## SOURCE MATERIAL
- - - -

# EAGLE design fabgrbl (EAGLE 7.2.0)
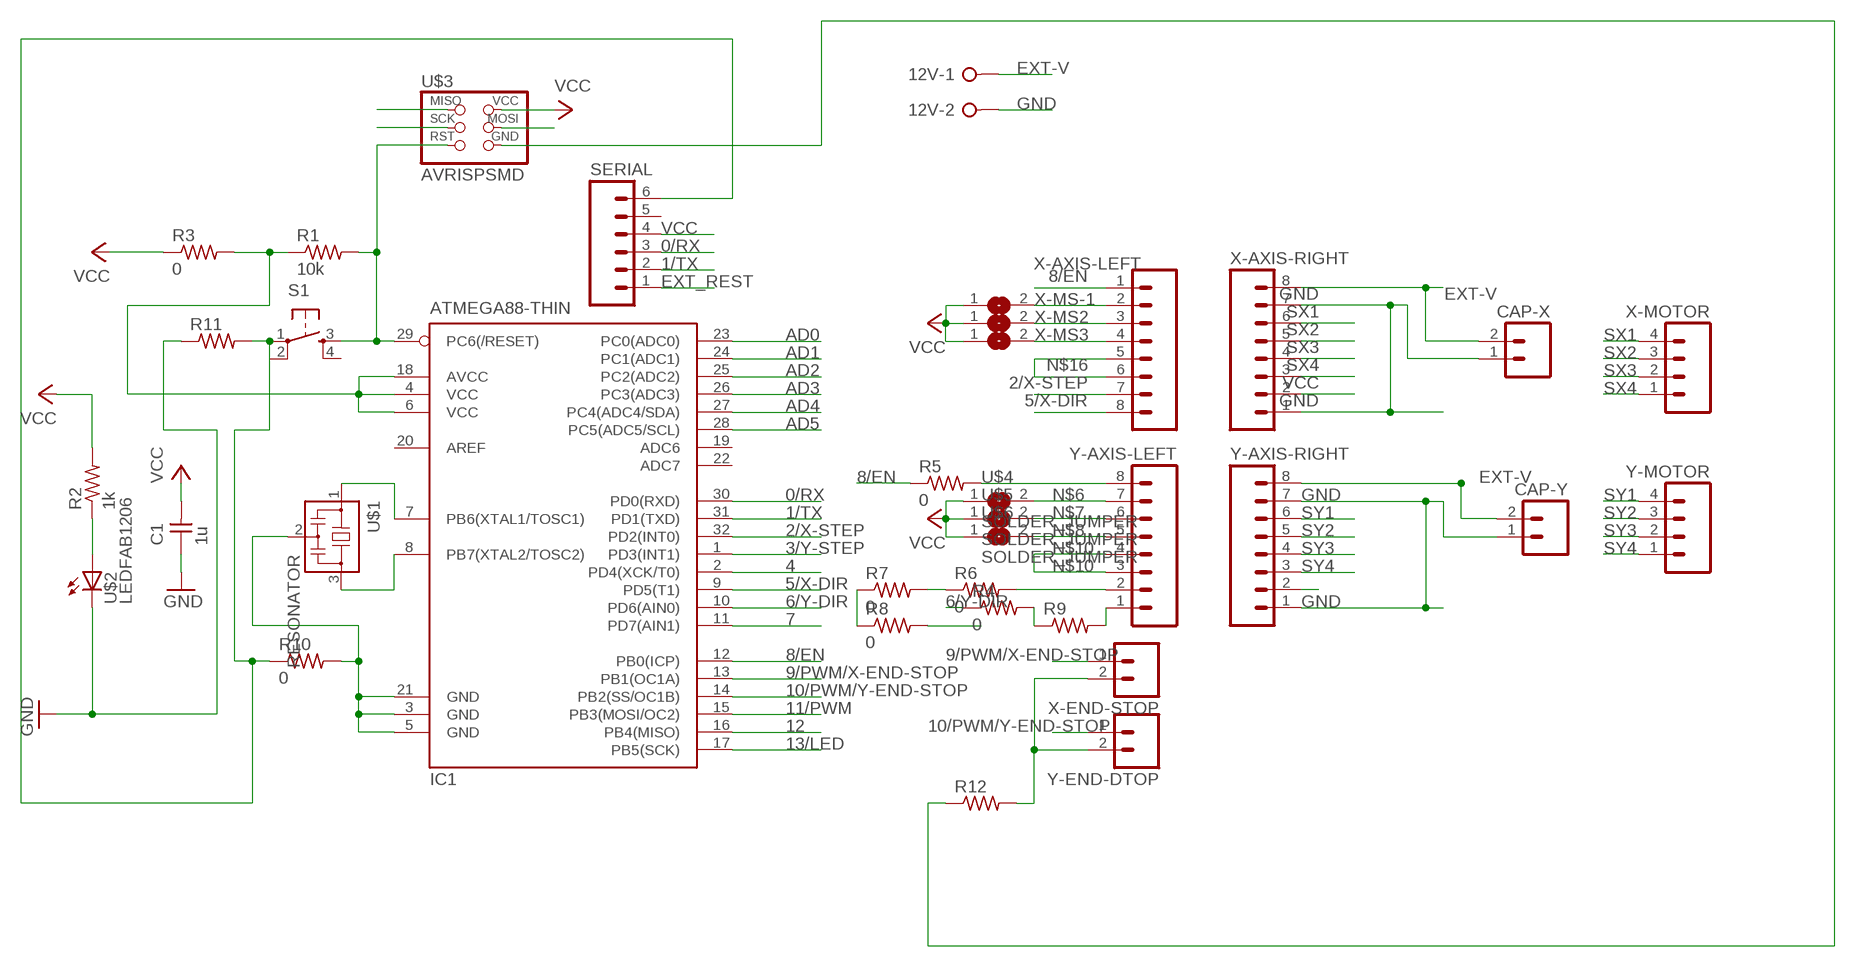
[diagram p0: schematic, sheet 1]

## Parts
12V  W237-02P  [W237-132]
C1  1u  CAP-UNPOLARIZEDFAB  [C1206FAB]
CAP-X  M02LOCK_LONGPADS  [1X02_LOCK_LONGPADS]
CAP-Y  M02LOCK_LONGPADS  [1X02_LOCK_LONGPADS]
IC1  ATMEGA88-THIN  [TQFP32-08THIN]
R1  10k  RES-US1206FAB  [R1206FAB]
R2  1k  RES-US1206FAB  [R1206FAB]
R3  0  RES-US1206FAB  [R1206FAB]
R4  0  RES-US1206FAB  [R1206FAB]
R5  0  RES-US1206FAB  [R1206FAB]
R6  0  RES-US1206FAB  [R1206FAB]
R7  0  RES-US1206FAB  [R1206FAB]
R8  0  RES-US1206FAB  [R1206FAB]
R9  RES-US1206FAB  [R1206FAB]
R10  0  RES-US1206FAB  [R1206FAB]
R11  RES-US1206FAB  [R1206FAB]
R12  RES-US1206FAB  [R1206FAB]
S1  6MM_SWITCH6MM_SWITCH  [6MM_SWITCH]
SERIAL  M06LONGPADS  [1X06_LONGPADS]
U$1  RESONATOR  [EFOBM]
U$2  LEDFAB1206  [LED1206FAB]
U$3  AVRISPSMD  [2X03SMD]
U$4  SOLDER_JUMPER  [SJFAB]
U$5  SOLDER_JUMPER  [SJFAB]
U$6  SOLDER_JUMPER  [SJFAB]
X-AXIS-LEFT  M08LONGPADS  [1X08_LONGPADS]
X-AXIS-RIGHT  M08LONGPADS  [1X08_LONGPADS]
X-END-STOP  M02LOCK_LONGPADS  [1X02_LOCK_LONGPADS]
X-MOTOR  M04LONGPADS  [1X04_LONGPADS]
X-MS2  SOLDER_JUMPER  [SJFAB]
X-MS3  SOLDER_JUMPER  [SJFAB]
X-MS-1  SOLDER_JUMPER  [SJFAB]
Y-AXIS-LEFT  M08LONGPADS  [1X08_LONGPADS]
Y-AXIS-RIGHT  M08LONGPADS  [1X08_LONGPADS]
Y-END-DTOP  M02LOCK_LONGPADS  [1X02_LOCK_LONGPADS]
Y-MOTOR  M04LONGPADS  [1X04_LONGPADS]

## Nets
0/RX: IC1.30(PD0(RXD)) SERIAL.3
1/TX: IC1.31(PD1(TXD)) SERIAL.2
2/X-STEP: IC1.32(PD2(INT0)) X-AXIS-LEFT.7
3/Y-STEP: IC1.1(PD3(INT1)) R8.2
4: IC1.2(PD4(XCK/T0))
5/X-DIR: IC1.9(PD5(T1)) X-AXIS-LEFT.8
6/Y-DIR: IC1.10(PD6(AIN0)) R4.1
7: IC1.11(PD7(AIN1))
8/EN: IC1.12(PB0(ICP)) R5.1 X-AXIS-LEFT.1
9/PWM/X-END-STOP: IC1.13(PB1(OC1A)) X-END-STOP.1
10/PWM/Y-END-STOP: IC1.14(PB2(SS/OC1B)) Y-END-DTOP.1
11/PWM: IC1.15(PB3(MOSI/OC2)) U$3.4(MOSI)
12: IC1.16(PB4(MISO)) U$3.1(MISO)
13/LED: IC1.17(PB5(SCK)) U$3.3(SCK)
AD0: IC1.23(PC0(ADC0))
AD1: IC1.24(PC1(ADC1))
AD2: IC1.25(PC2(ADC2))
AD3: IC1.26(PC3(ADC3))
AD4: IC1.27(PC4(ADC4/SDA))
AD5: IC1.28(PC5(ADC5/SCL))
EXT-V: 12V.1 CAP-X.2 CAP-Y.2 X-AXIS-RIGHT.8 Y-AXIS-RIGHT.8
EXT_REST: SERIAL.1
GND: 12V.2 C1.1 CAP-X.1 CAP-Y.1 R11.1 U$2.2(C) X-AXIS-RIGHT.1 X-AXIS-RIGHT.7 Y-AXIS-RIGHT.1 Y-AXIS-RIGHT.7
N$1: IC1.7(PB6(XTAL1/TOSC1)) U$1.1
N$2: IC1.8(PB7(XTAL2/TOSC2)) U$1.3
N$3: R10.1 R11.2 S1.1(P)
N$4: R2.1 U$2.1(A)
N$5: R5.2 Y-AXIS-LEFT.8
N$6: U$4.2 Y-AXIS-LEFT.7
N$7: U$5.2 Y-AXIS-LEFT.6
N$8: U$6.2 Y-AXIS-LEFT.5
N$9: R9.2 Y-AXIS-LEFT.1
N$10: Y-AXIS-LEFT.3 Y-AXIS-LEFT.4
N$11: R6.2 Y-AXIS-LEFT.2
N$12: R6.1 R7.2
N$13: IC1.29(PC6(/RESET)) R1.2 S1.3(S) U$3.5(RST)
N$14: R7.1 R8.1
N$15: R4.2 R9.1
N$16: X-AXIS-LEFT.5 X-AXIS-LEFT.6
N$17: X-AXIS-LEFT.4 X-MS3.2
N$18: X-AXIS-LEFT.3 X-MS2.2
N$19: X-AXIS-LEFT.2 X-MS-1.2
N$20: IC1.4(VCC) IC1.6(VCC) IC1.18(AVCC) R1.1 R3.2
N$21: SERIAL.6
N$22: IC1.3(GND) IC1.5(GND) IC1.21(GND) R10.2 U$1.2
N$23: R12.2 X-END-STOP.2 Y-END-DTOP.2
N$24: R12.1 U$3.6(GND)
SX1: X-AXIS-RIGHT.6 X-MOTOR.4
SX2: X-AXIS-RIGHT.5 X-MOTOR.3
SX3: X-AXIS-RIGHT.4 X-MOTOR.2
SX4: X-AXIS-RIGHT.3 X-MOTOR.1
SY1: Y-AXIS-RIGHT.6 Y-MOTOR.4
SY2: Y-AXIS-RIGHT.5 Y-MOTOR.3
SY3: Y-AXIS-RIGHT.4 Y-MOTOR.2
SY4: Y-AXIS-RIGHT.3 Y-MOTOR.1
VCC: C1.2 R2.2 R3.1 SERIAL.4 U$3.2(VCC) U$4.1 U$5.1 U$6.1 X-AXIS-RIGHT.2 X-MS2.1 X-MS3.1 X-MS-1.1 Y-AXIS-RIGHT.2
Unconnected: IC1.19(ADC6) IC1.20(AREF) IC1.22(ADC7) S1.2(P1) S1.4(S1) SERIAL.5

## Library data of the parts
12V = con-wago-508:W237-02P: WAGO SREW CLAMP; OC_FARNELL: unknown; OC_NEWARK: unknown
C1 = fab:CAP-UNPOLARIZED
CAP-X CAP-Y X-END-STOP Y-END-DTOP = SparkFun-Connectors:M02: Standard 2-pin 0.1" header. Use with
IC1 = fab:ATMEGA88-THIN
R1-R12 = fab:RES-US: Resistor (US Symbol)
S1 = fab:6MM_SWITCH: OMRON SWITCH
SERIAL = SparkFun-Connectors:M06: Header 6 Standard 6-pin 0.1" header. Use with straight break away headers (SKU : PRT-00116), right angle break away headers (PRT-00553), swiss pins (PRT-00743), machine pins (PRT-00117), and female headers (PRT-00115). Molex polarized connector foot print use with SKU : PRT-08094 with associated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
U$1 = fab:RESONATOR
U$2 = fab:LED: LED
U$3 = fab:AVRISP
U$4-U$6 X-MS2 X-MS3 X-MS-1 = fab:SOLDER_JUMPER
X-AXIS-LEFT X-AXIS-RIGHT Y-AXIS-LEFT Y-AXIS-RIGHT = SparkFun-Connectors:M08: Header 8 Standard 8-pin 0.1" header. Use with straight break away headers (SKU : PRT-00116), right angle break away headers (PRT-00553), swiss pins (PRT-00743), machine pins (PRT-00117), and female headers (PRT-00115).
X-MOTOR Y-MOTOR = SparkFun-Connectors:M04: Header 4 Standard 4-pin 0.1" header. Use with straight break away headers (SKU : PRT-00116), right angle break away headers (PRT-00553), swiss pins (PRT-00743), machine pins (PRT-00117), and female headers (PRT-00115). Molex polarized connector foot print use with SKU : PRT-08231 with associated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

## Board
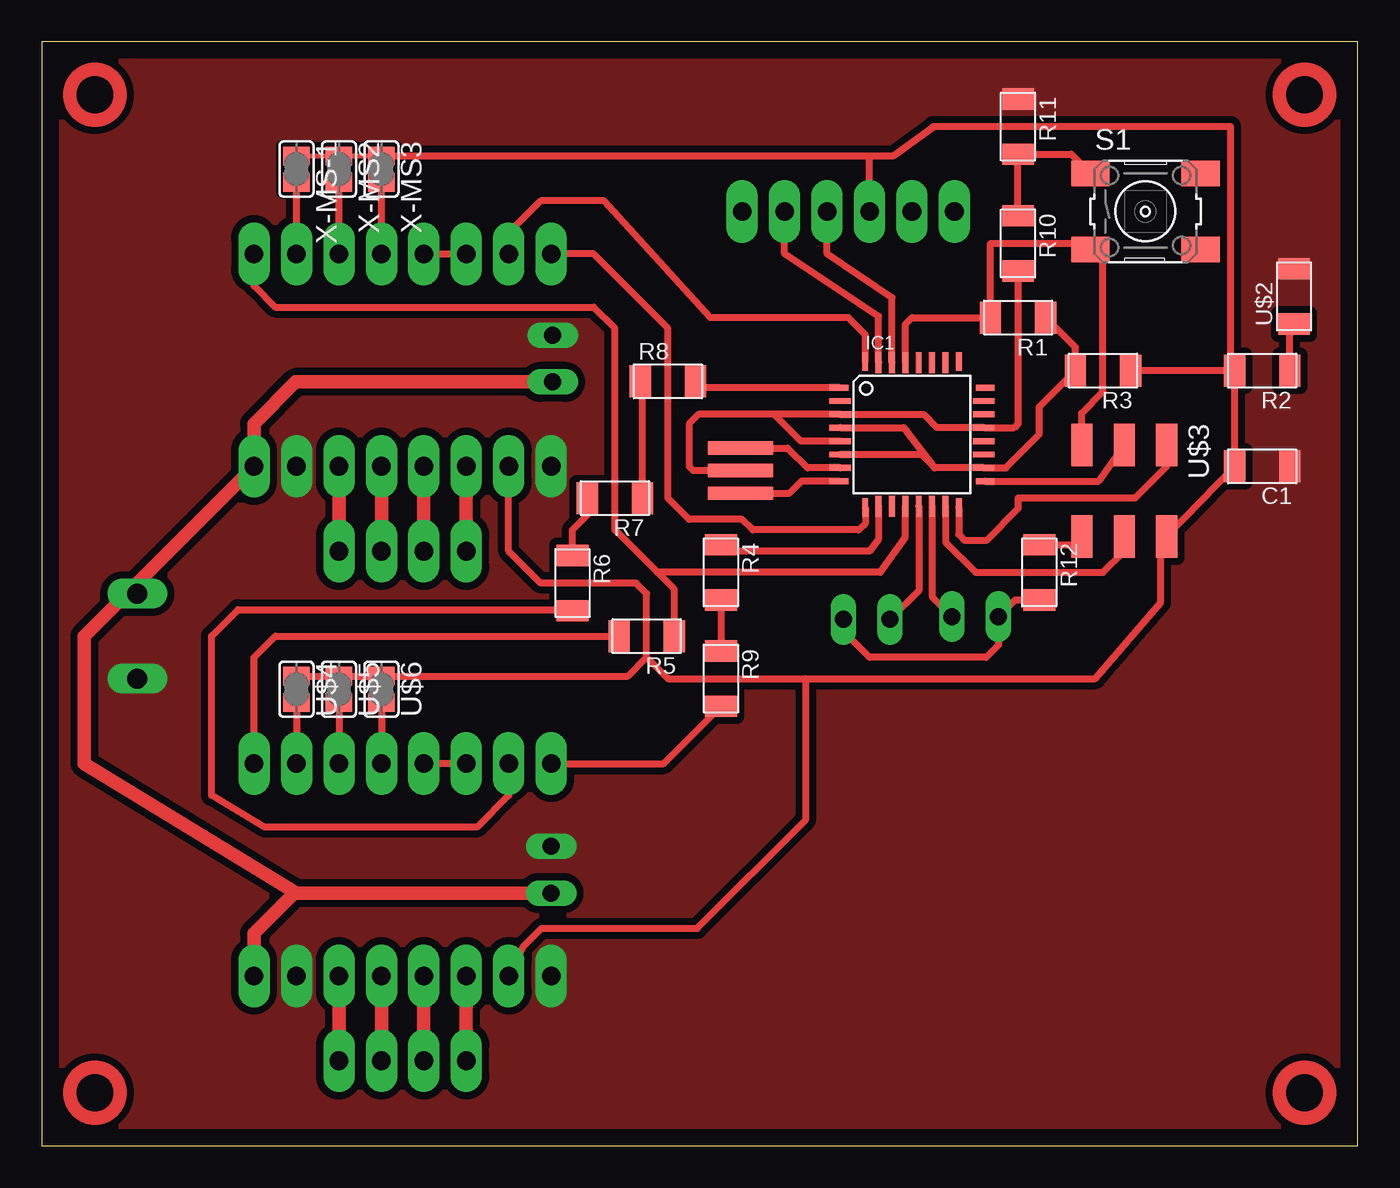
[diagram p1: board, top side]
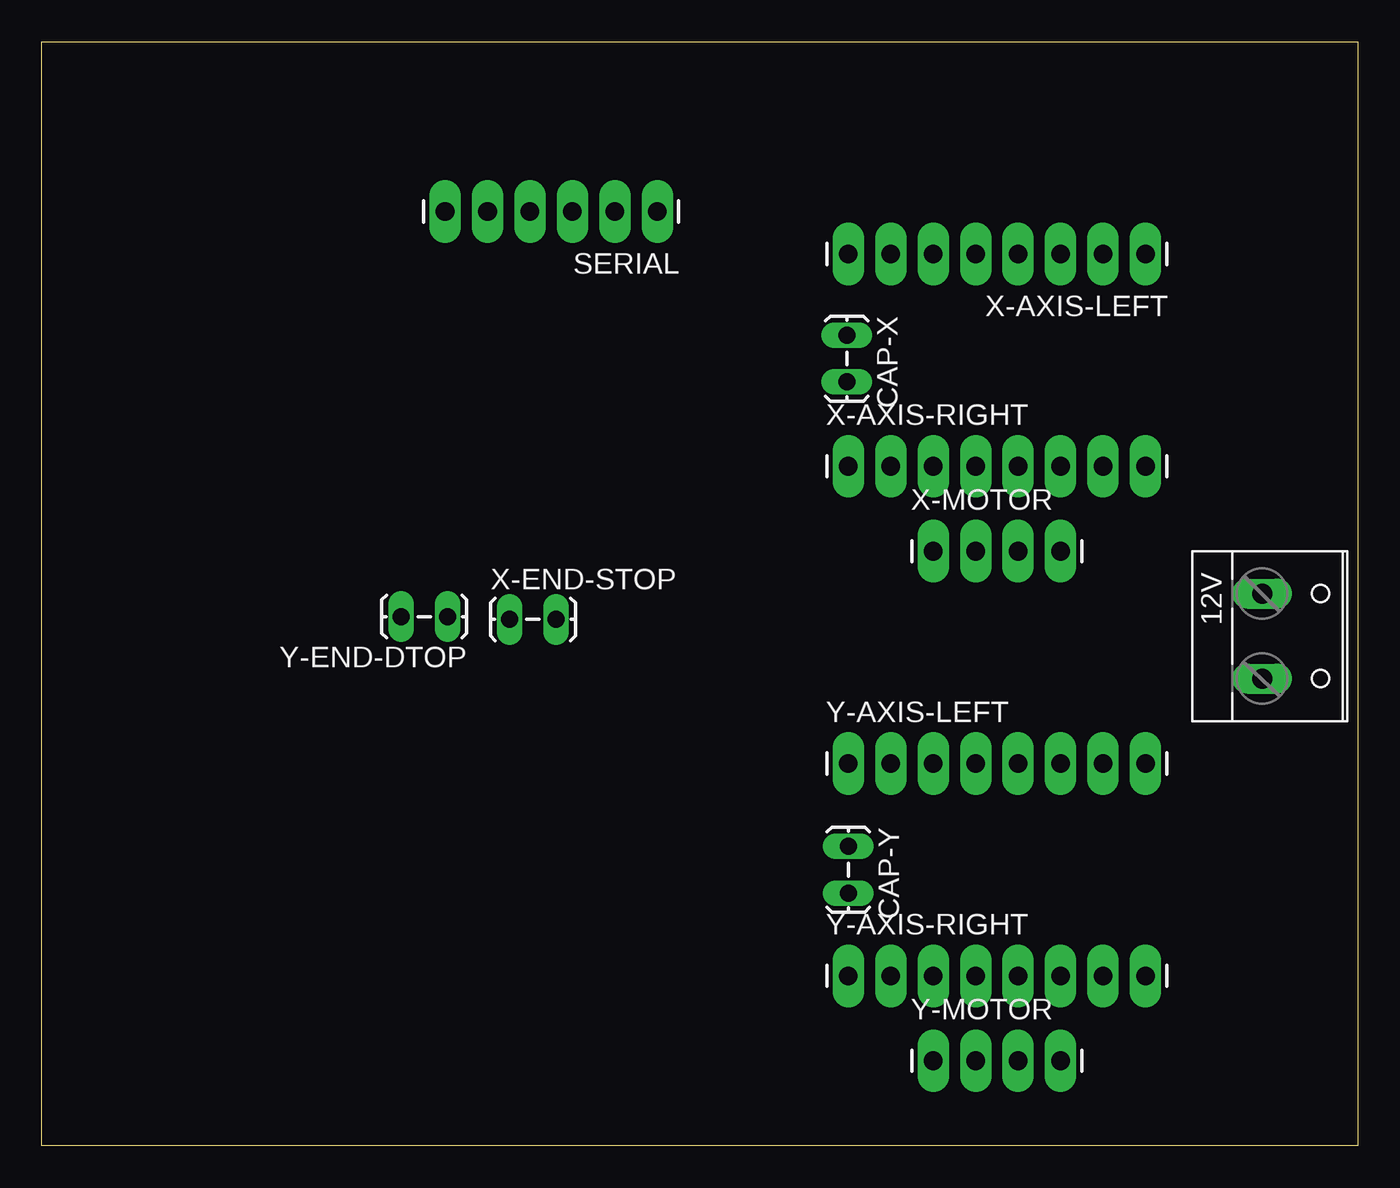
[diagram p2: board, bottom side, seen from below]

Size 78.74 x 66.03 mm. Coordinates in mm from the lower left corner, seen from the top.
Outline: 0,0 78.74,0 78.74,66.03 0,66.03 0,0
Copper layers (1*16): Top 0.035mm / dielectric 1.5mm / Bottom 0.035mm
Design rules "default *": minimum track width 10mil, minimum drill 24mil, track to track 17mil, track to pad 17mil, pad to pad 17mil, via to via 17mil, smd to smd 17mil, copper to edge 40mil, drill to drill 8mil, minimum pad ring 10mil, minimum via ring 8mil, stop-mask expansion 4mil, vias tented up to drill 0mil, thermal gap 10mil

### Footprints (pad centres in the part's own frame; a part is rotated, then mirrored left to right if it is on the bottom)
W237-132 = drill 1.194 long: 1 -2.54,-0.635; 2 2.54,-0.635
C1206FAB = smd 1.27 x 1.905: 1 -1.651,0; 2 1.651,0
1X02_LOCK_LONGPADS = drill 1.016 long: 1 -0.127,0; 2 2.667,0
TQFP32-08THIN = smd 1.118 x 0.356: 1 -4.369,2.8; 8 -4.369,-2.8; 17 4.369,-2.8; 24 4.369,2.8 | smd 1.27 x 0.356: 2 -4.293,2; 3 -4.293,1.2; 4 -4.293,0.4; 5 -4.293,-0.4; 6 -4.293,-1.2; 7 -4.293,-2; 18 4.293,-2; 19 4.293,-1.2; 20 4.293,-0.4; 21 4.293,0.4; 22 4.293,1.2; 23 4.293,2 | smd 0.356 x 1.118: 9 -2.8,-4.369; 16 2.8,-4.369; 25 2.8,4.369; 32 -2.8,4.369 | smd 0.356 x 1.27: 10 -2,-4.293; 14 1.2,-4.293; 15 2,-4.293; 26 2,4.293; 27 1.2,4.293; 31 -2,4.293 | smd 0.35 x 1.27: 11 -1.2,-4.293; 12 -0.4,-4.293; 13 0.4,-4.293; 28 0.4,4.293; 29 -0.4,4.293; 30 -1.2,4.293
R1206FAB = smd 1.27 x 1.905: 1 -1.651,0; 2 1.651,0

- - - -

## PROBLEM TO SOLVE
Using the records above, count how many lines include the word "RESONATOR", and reply only with that figure.

## EXERCISE OUTPUT
2